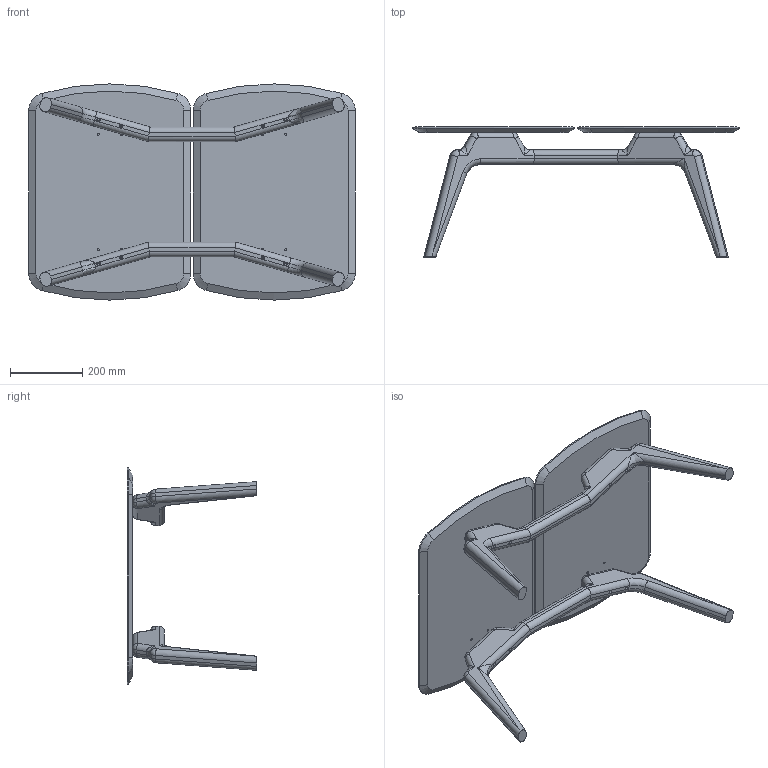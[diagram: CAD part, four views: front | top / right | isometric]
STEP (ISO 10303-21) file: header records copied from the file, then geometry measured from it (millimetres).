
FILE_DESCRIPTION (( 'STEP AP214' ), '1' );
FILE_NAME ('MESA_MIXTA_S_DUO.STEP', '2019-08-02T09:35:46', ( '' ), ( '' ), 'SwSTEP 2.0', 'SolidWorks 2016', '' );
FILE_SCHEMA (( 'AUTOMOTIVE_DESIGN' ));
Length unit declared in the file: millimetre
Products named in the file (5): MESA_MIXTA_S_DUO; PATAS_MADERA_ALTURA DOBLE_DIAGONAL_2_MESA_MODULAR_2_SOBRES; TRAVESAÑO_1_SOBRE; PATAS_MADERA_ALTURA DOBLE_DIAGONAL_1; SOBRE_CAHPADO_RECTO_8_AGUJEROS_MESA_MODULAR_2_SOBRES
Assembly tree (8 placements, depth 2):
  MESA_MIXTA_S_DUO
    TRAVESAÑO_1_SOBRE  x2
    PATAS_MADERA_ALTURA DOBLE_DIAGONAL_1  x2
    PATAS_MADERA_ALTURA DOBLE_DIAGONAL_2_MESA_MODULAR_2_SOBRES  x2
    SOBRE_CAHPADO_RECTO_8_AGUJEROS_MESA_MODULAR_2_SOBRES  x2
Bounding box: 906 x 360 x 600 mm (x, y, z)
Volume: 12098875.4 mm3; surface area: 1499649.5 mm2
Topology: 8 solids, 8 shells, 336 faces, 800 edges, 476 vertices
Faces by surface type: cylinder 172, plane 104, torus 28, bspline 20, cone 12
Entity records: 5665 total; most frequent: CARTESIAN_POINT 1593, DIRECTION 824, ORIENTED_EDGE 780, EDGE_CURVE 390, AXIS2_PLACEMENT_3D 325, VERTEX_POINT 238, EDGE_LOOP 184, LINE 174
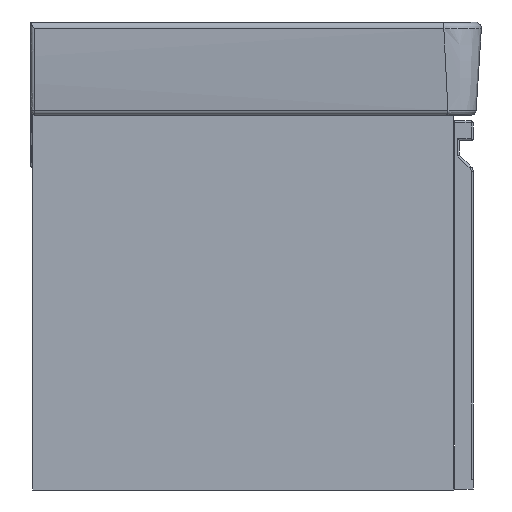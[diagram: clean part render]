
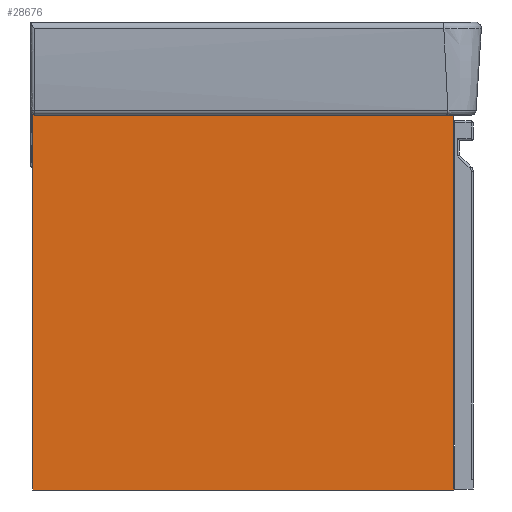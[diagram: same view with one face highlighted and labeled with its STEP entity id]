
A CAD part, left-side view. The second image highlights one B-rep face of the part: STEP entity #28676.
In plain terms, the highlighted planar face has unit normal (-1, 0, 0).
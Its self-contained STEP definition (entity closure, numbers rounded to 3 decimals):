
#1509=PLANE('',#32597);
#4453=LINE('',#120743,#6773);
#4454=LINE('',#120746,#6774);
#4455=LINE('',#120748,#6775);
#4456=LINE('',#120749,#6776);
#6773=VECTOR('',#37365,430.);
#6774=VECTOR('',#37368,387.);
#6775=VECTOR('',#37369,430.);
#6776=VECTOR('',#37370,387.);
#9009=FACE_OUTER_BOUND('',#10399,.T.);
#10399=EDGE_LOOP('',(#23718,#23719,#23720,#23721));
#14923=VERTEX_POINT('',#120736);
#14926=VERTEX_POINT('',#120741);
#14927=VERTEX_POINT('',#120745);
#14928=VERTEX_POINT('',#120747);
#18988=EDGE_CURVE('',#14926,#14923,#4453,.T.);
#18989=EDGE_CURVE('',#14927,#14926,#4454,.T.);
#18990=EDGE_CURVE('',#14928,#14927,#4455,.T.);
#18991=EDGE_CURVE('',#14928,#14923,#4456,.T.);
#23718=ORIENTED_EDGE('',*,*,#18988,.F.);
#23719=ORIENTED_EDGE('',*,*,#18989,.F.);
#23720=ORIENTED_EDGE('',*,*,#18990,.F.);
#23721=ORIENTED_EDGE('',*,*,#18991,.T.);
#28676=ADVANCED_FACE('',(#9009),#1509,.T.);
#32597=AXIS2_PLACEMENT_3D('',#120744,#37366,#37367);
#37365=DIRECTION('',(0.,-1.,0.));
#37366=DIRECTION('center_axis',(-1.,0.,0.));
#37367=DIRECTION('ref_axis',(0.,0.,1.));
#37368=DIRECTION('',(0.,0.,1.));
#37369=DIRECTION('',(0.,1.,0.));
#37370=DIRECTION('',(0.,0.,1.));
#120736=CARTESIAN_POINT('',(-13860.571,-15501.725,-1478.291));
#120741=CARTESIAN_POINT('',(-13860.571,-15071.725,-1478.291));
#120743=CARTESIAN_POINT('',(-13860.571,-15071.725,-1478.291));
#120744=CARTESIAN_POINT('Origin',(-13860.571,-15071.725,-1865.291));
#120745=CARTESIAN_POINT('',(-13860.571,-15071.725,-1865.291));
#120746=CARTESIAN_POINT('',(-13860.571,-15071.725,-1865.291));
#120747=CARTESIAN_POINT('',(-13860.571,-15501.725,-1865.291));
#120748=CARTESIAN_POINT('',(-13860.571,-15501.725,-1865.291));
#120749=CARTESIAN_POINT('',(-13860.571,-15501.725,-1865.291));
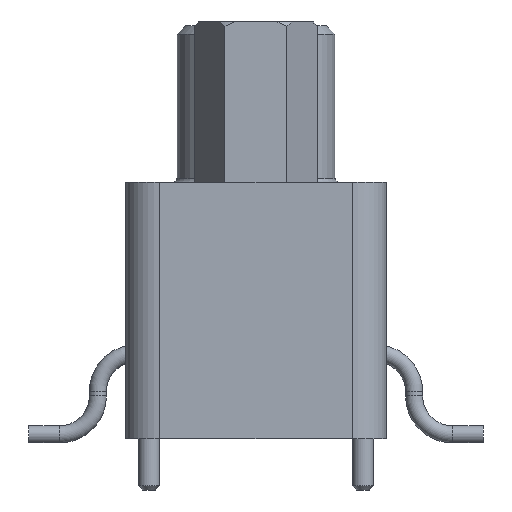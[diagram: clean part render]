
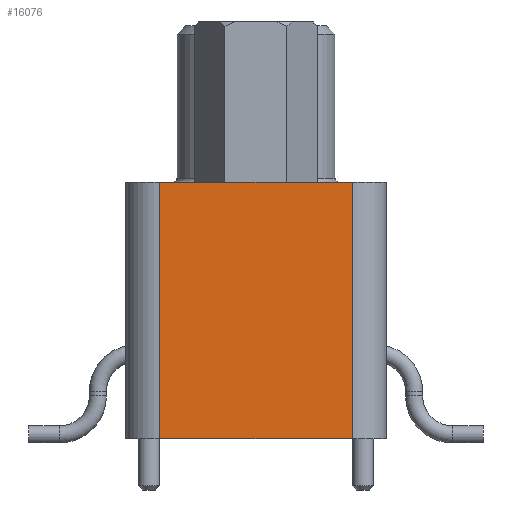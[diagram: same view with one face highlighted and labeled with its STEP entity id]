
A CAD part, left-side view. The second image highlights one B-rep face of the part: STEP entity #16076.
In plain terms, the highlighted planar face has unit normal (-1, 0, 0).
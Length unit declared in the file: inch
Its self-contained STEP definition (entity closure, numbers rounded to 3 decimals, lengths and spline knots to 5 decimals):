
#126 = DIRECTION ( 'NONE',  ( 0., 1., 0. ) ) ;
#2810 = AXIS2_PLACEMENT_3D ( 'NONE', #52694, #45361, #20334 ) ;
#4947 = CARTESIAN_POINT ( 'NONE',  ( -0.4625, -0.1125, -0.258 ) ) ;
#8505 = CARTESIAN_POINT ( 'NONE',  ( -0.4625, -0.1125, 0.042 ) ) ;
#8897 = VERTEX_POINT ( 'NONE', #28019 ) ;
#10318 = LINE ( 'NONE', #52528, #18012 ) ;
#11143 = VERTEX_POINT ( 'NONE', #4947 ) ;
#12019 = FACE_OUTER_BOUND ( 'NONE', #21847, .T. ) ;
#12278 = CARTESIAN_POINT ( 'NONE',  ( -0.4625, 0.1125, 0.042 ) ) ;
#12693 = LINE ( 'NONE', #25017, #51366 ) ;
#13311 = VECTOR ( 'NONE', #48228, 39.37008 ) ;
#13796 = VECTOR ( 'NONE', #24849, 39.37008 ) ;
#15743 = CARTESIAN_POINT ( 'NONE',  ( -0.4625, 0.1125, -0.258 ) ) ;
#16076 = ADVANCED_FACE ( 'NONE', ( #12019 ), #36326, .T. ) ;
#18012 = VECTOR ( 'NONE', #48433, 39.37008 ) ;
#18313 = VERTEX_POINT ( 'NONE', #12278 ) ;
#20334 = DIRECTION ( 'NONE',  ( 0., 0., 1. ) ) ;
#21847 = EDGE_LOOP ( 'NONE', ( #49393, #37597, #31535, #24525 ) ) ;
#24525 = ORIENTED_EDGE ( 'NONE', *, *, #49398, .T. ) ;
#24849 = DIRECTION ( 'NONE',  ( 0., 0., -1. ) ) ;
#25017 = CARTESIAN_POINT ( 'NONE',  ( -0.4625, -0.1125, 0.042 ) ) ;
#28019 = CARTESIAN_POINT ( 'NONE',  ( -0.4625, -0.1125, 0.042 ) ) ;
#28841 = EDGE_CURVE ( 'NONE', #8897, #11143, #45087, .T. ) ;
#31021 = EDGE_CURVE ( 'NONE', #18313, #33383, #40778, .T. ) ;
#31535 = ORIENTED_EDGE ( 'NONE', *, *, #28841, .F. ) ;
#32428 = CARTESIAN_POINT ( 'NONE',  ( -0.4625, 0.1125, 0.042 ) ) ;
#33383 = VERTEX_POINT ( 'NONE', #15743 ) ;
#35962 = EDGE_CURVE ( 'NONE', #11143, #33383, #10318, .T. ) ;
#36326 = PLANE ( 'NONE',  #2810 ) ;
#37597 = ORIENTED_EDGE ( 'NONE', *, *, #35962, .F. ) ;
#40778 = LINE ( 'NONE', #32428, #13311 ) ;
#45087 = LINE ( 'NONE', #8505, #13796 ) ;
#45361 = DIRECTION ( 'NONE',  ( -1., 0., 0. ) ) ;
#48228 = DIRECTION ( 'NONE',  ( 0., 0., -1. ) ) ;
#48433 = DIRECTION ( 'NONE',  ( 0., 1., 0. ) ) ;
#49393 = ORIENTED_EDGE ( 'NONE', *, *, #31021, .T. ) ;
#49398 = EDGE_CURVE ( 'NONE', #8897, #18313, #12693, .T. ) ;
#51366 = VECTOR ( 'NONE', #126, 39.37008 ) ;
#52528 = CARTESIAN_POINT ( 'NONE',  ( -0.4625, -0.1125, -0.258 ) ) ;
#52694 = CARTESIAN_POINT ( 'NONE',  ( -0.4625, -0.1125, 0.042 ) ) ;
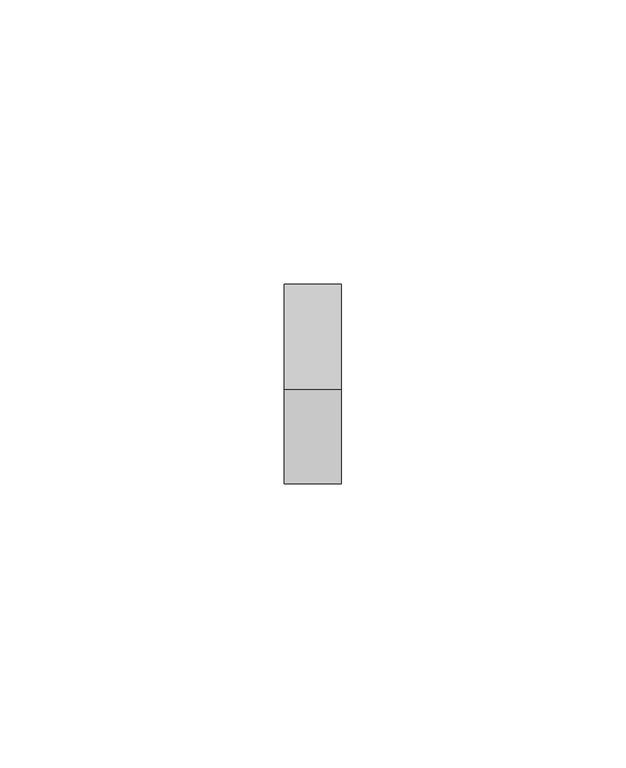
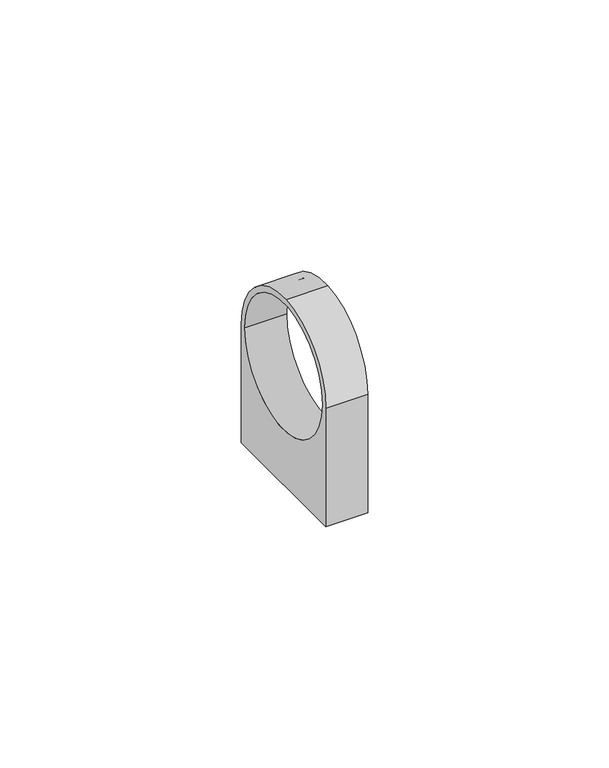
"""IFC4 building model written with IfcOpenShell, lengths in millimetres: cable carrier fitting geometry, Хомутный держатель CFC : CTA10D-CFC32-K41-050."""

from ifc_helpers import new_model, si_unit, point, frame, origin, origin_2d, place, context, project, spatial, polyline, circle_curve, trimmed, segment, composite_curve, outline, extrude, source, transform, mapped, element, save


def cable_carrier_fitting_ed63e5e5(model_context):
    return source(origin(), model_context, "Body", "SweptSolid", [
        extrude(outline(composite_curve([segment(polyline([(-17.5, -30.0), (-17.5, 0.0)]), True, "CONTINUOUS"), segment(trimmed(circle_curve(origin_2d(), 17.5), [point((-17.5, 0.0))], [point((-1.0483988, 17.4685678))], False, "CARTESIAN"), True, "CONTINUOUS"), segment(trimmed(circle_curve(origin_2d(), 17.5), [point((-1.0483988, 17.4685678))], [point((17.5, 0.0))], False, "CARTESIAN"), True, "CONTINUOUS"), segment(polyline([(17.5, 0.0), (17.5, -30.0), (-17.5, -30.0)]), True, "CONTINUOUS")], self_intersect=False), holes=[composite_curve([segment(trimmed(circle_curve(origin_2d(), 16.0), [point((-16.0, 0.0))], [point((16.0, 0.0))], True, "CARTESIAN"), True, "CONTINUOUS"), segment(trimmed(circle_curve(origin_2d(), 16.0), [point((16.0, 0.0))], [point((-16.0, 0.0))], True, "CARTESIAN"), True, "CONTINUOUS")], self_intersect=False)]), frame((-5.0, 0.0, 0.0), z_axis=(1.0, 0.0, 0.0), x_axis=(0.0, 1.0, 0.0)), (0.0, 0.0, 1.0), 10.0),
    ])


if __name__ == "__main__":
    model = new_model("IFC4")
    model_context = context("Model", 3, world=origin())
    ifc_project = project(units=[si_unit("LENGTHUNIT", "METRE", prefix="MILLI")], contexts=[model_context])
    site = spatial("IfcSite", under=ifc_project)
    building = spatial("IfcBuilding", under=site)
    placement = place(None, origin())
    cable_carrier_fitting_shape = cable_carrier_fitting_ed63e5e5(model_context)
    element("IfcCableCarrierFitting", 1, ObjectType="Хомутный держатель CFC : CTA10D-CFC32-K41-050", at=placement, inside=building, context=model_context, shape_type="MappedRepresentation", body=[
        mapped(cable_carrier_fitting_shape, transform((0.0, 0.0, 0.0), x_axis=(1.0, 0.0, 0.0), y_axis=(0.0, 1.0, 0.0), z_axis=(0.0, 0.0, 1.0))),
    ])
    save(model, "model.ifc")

▶ Task: Leaving out the pictures, please output the lines in the entries above from the one with "#6775=VECTOR('',#37369,430.);" through the one with "#8505 = CARTESIAN_POINT", exactly as they are.

▶ Task solution:
#6775=VECTOR('',#37369,430.);
#6776=VECTOR('',#37370,387.);
#9009=FACE_OUTER_BOUND('',#10399,.T.);
#10399=EDGE_LOOP('',(#23718,#23719,#23720,#23721));
#14923=VERTEX_POINT('',#120736);
#14926=VERTEX_POINT('',#120741);
#14927=VERTEX_POINT('',#120745);
#14928=VERTEX_POINT('',#120747);
#18988=EDGE_CURVE('',#14926,#14923,#4453,.T.);
#18989=EDGE_CURVE('',#14927,#14926,#4454,.T.);
#18990=EDGE_CURVE('',#14928,#14927,#4455,.T.);
#18991=EDGE_CURVE('',#14928,#14923,#4456,.T.);
#23718=ORIENTED_EDGE('',*,*,#18988,.F.);
#23719=ORIENTED_EDGE('',*,*,#18989,.F.);
#23720=ORIENTED_EDGE('',*,*,#18990,.F.);
#23721=ORIENTED_EDGE('',*,*,#18991,.T.);
#28676=ADVANCED_FACE('',(#9009),#1509,.T.);
#32597=AXIS2_PLACEMENT_3D('',#120744,#37366,#37367);
#37365=DIRECTION('',(0.,-1.,0.));
#37366=DIRECTION('center_axis',(-1.,0.,0.));
#37367=DIRECTION('ref_axis',(0.,0.,1.));
#37368=DIRECTION('',(0.,0.,1.));
#37369=DIRECTION('',(0.,1.,0.));
#37370=DIRECTION('',(0.,0.,1.));
#120736=CARTESIAN_POINT('',(-13860.571,-15501.725,-1478.291));
#120741=CARTESIAN_POINT('',(-13860.571,-15071.725,-1478.291));
#120743=CARTESIAN_POINT('',(-13860.571,-15071.725,-1478.291));
#120744=CARTESIAN_POINT('Origin',(-13860.571,-15071.725,-1865.291));
#120745=CARTESIAN_POINT('',(-13860.571,-15071.725,-1865.291));
#120746=CARTESIAN_POINT('',(-13860.571,-15071.725,-1865.291));
#120747=CARTESIAN_POINT('',(-13860.571,-15501.725,-1865.291));
#120748=CARTESIAN_POINT('',(-13860.571,-15501.725,-1865.291));
#120749=CARTESIAN_POINT('',(-13860.571,-15501.725,-1865.291));
[diagram: clean part render]
[diagram: same view with one face highlighted and labeled with its STEP entity id]
A CAD part, left-side view. The second image highlights one B-rep face of the part: STEP entity #16076.
In plain terms, the highlighted planar face has unit normal (-1, 0, 0).
Length unit declared in the file: inch
Its self-contained STEP definition (entity closure, numbers rounded to 3 decimals, lengths and spline knots to 5 decimals):
#126 = DIRECTION ( 'NONE',  ( 0., 1., 0. ) ) ;
#2810 = AXIS2_PLACEMENT_3D ( 'NONE', #52694, #45361, #20334 ) ;
#4947 = CARTESIAN_POINT ( 'NONE',  ( -0.4625, -0.1125, -0.258 ) ) ;
#8505 = CARTESIAN_POINT ( 'NONE',  ( -0.4625, -0.1125, 0.042 ) ) ;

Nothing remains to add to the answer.